**YOUR INSTRUCTIONS:** Every line of the records below that holds the word "holes" should be copied out.

EXCERPTED DATA Block Start

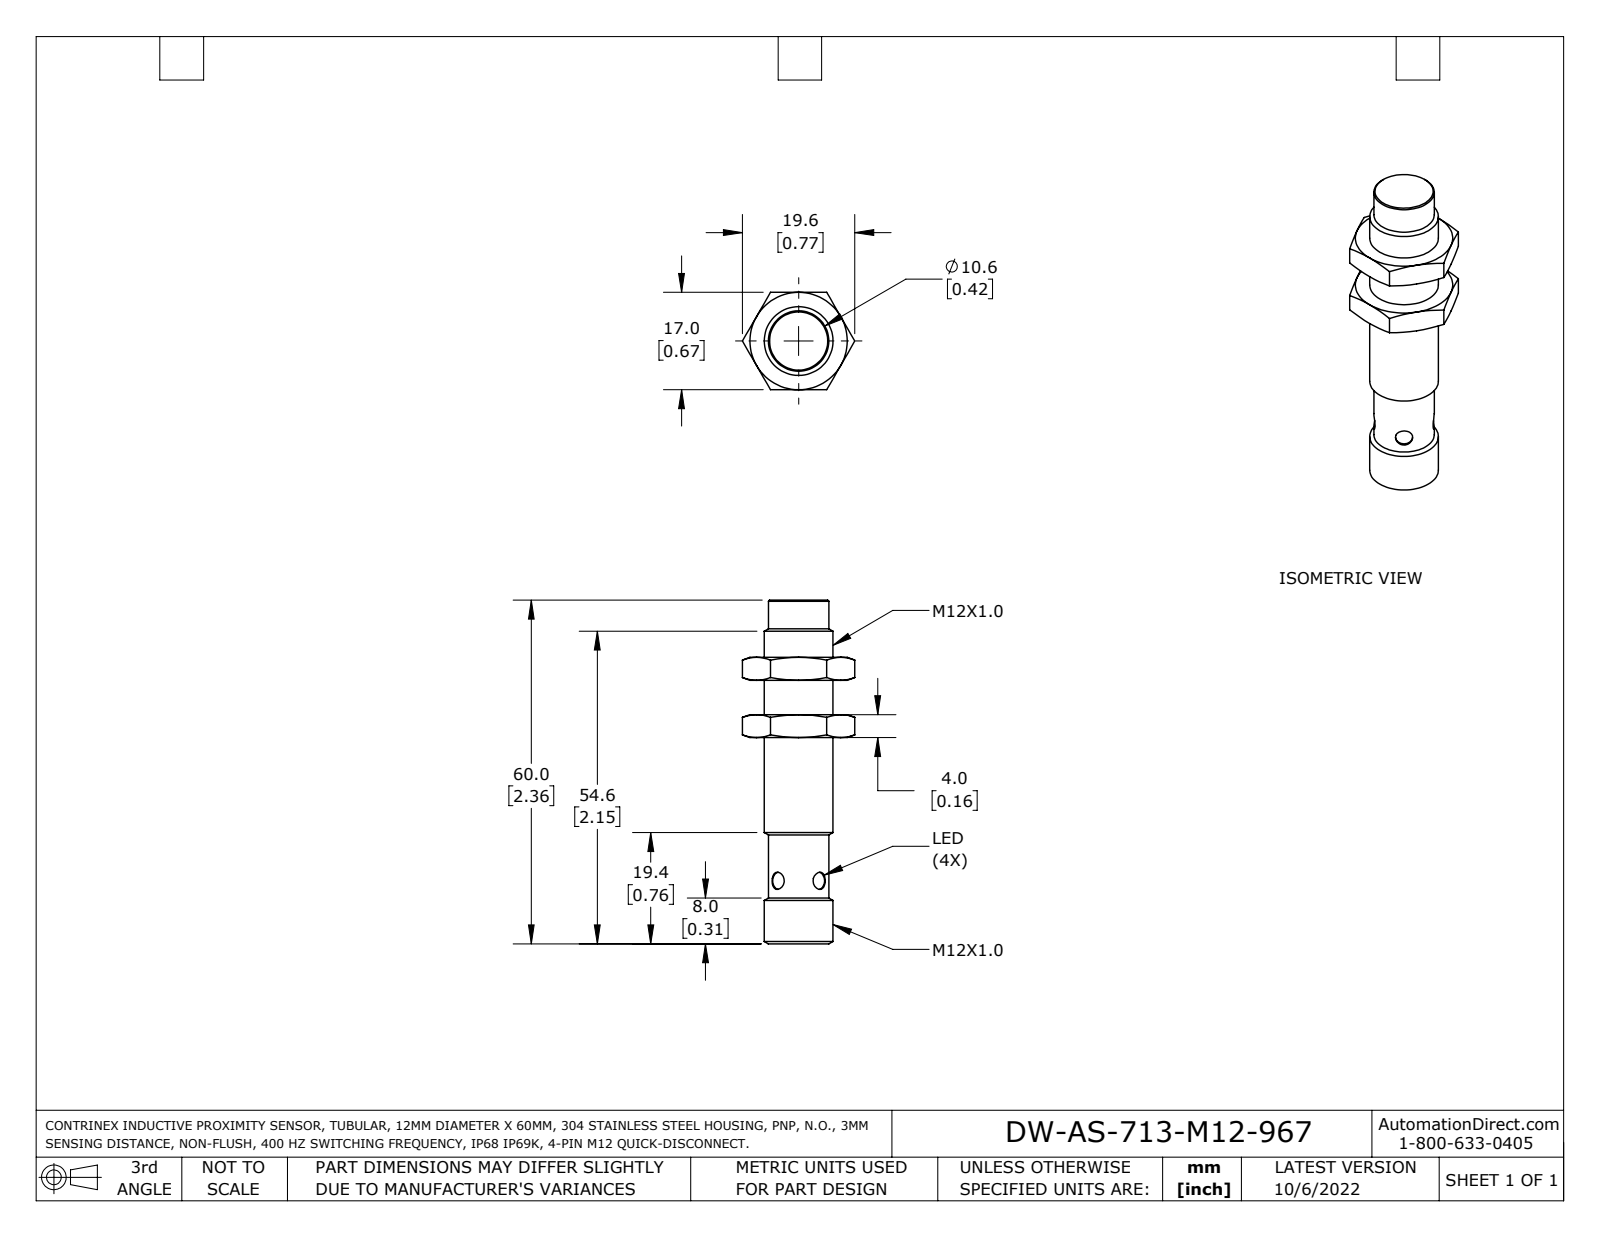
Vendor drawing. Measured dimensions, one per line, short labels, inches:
name: DW-AS-713-M12-967
written by: SolidWorks 2021 (AUTOMOTIVE_DESIGN)
unit: in
bodies: 1 solid, 77 faces (25 planar, 17 cylindrical, 35 other)
size: 2.362 × 0.773 × 0.669
volume: 0.425 in³; area: 5.326 in²
holes: 2× ⌀0.118, 1× ⌀0.335
bosses: 4× ⌀0.039, 1× ⌀0.472, 1× ⌀0.415
rounds: 2× R0.022
face distances: 0.394, 0.157, 0.669, 0.551, 0.236, 0.787, 0.945, 2.02, 1.626, 1.469
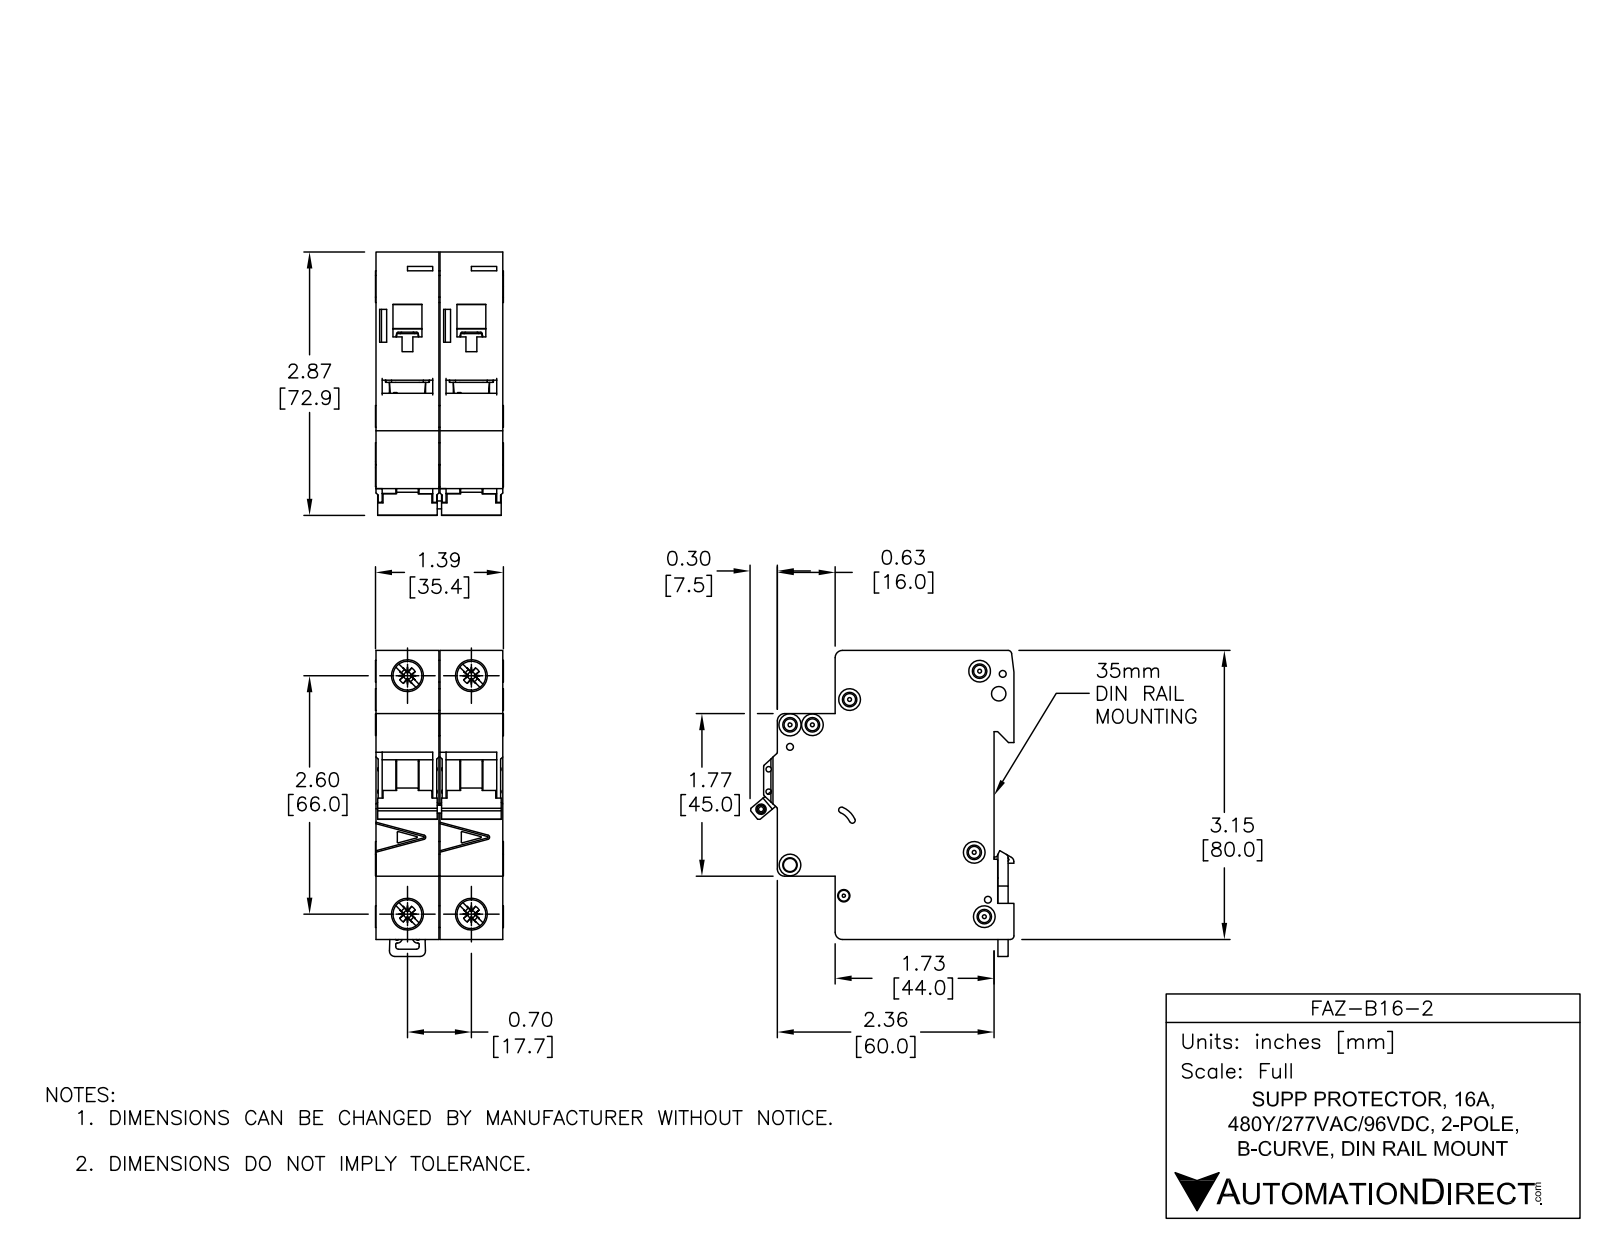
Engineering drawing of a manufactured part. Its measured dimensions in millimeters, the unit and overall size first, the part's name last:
Units: millimetres
Overall size (bounding box): 84.78 × 73.04 × 35.4
Round holes (diameter × count): ⌀3.6 ×6, ⌀1.9 ×3, ⌀1.09 ×2, ⌀1.5 ×2, ⌀4 ×2, ⌀7.15 ×2, ⌀8.2 ×2, ⌀2.15 ×1, ⌀2.2 ×1, ⌀2.55 ×1, ⌀3.3 ×1, ⌀3.4 ×1
Round bosses / shafts (diameter × count): ⌀6 ×4, ⌀8.2 ×2, ⌀2.5 ×2
Partial cylindrical surfaces — rounded edges, fillets, slot ends (radius × count): R0.25 ×49, R0.5 ×19, R2 ×10, R0.2 ×8, R1 ×8, R0.8 ×2, R1.8 ×2, R3 ×2
Main face-to-face distances: 17.7, 17.5, 35.2, 79.48, 5.5, 49.5, 44, 65.5, 60, 16
Hole centre spacings: 6.2, 13.64, 17.7, 66, 68.33, 4.81, 5.19, 5.61
Volume: 149 808 mm³ · Surface area: 38 799 mm²
Bodies: 8 solids, 1104 faces (466 planar, 396 cylindrical, 242 other)
Part name (STEP PRODUCT): FAZ-B16-2
STEP written by: SolidWorks 2014 (AUTOMOTIVE_DESIGN)

EXCERPTED DATA Block End

**ANSWER FOR THE TASK:**
holes: 2× ⌀0.118, 1× ⌀0.335
Round holes (diameter × count): ⌀3.6 ×6, ⌀1.9 ×3, ⌀1.09 ×2, ⌀1.5 ×2, ⌀4 ×2, ⌀7.15 ×2, ⌀8.2 ×2, ⌀2.15 ×1, ⌀2.2 ×1, ⌀2.55 ×1, ⌀3.3 ×1, ⌀3.4 ×1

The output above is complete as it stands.